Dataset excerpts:
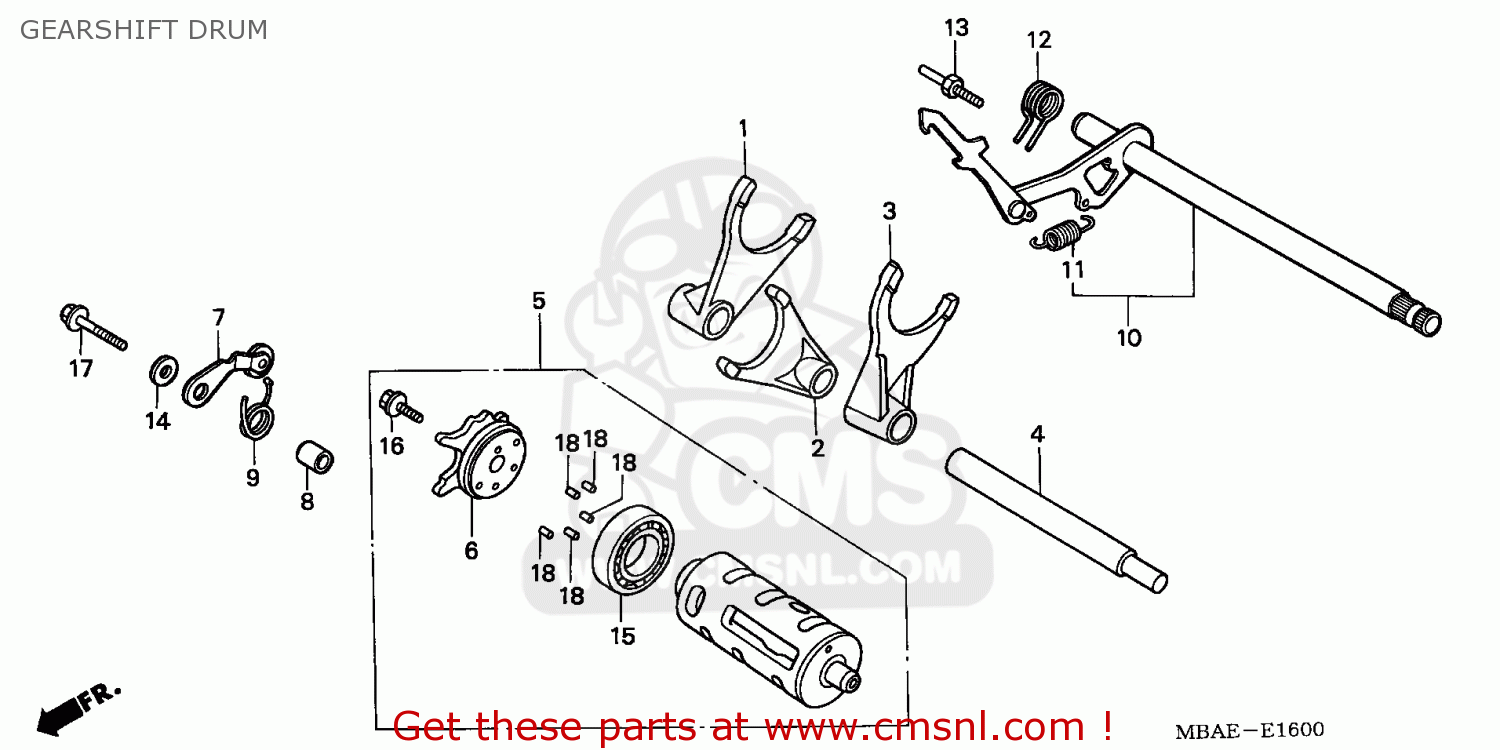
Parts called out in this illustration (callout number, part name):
1	FORK,R GEAR SHIFT
2	FORK,C GEAR SHIFT
3	FORK,L GEAR SHIFT
4	SHAFT,SHIFT FORK
5	DRUM COMP.,GEARSH
6	PLATE COMP.,CAM
7	STOPPER,DRUM
8	COLLAR,DRUM STPR.
9	SPRING,SHIFT DRUM
10	ARM COMP,GEAR SHI
11	SPRING, SHIFT
12	SPG,SHIFT RETURN
13	PIN, SHIFT RETURN
14	WASHER, 6X2.3
15	B/BRG RAD N/COM
16	BOLT FLANGE 6X18
17	BOLT,FLANGE,6X28
18	ROLLER,4X11.8

▶ [About this exercise]: Make a verbatim copy of all the entries and strip out the pictures.

▶ [Answer to this problem]:
Parts called out in this illustration (callout number, part name):
1	FORK,R GEAR SHIFT
2	FORK,C GEAR SHIFT
3	FORK,L GEAR SHIFT
4	SHAFT,SHIFT FORK
5	DRUM COMP.,GEARSH
6	PLATE COMP.,CAM
7	STOPPER,DRUM
8	COLLAR,DRUM STPR.
9	SPRING,SHIFT DRUM
10	ARM COMP,GEAR SHI
11	SPRING, SHIFT
12	SPG,SHIFT RETURN
13	PIN, SHIFT RETURN
14	WASHER, 6X2.3
15	B/BRG RAD N/COM
16	BOLT FLANGE 6X18
17	BOLT,FLANGE,6X28
18	ROLLER,4X11.8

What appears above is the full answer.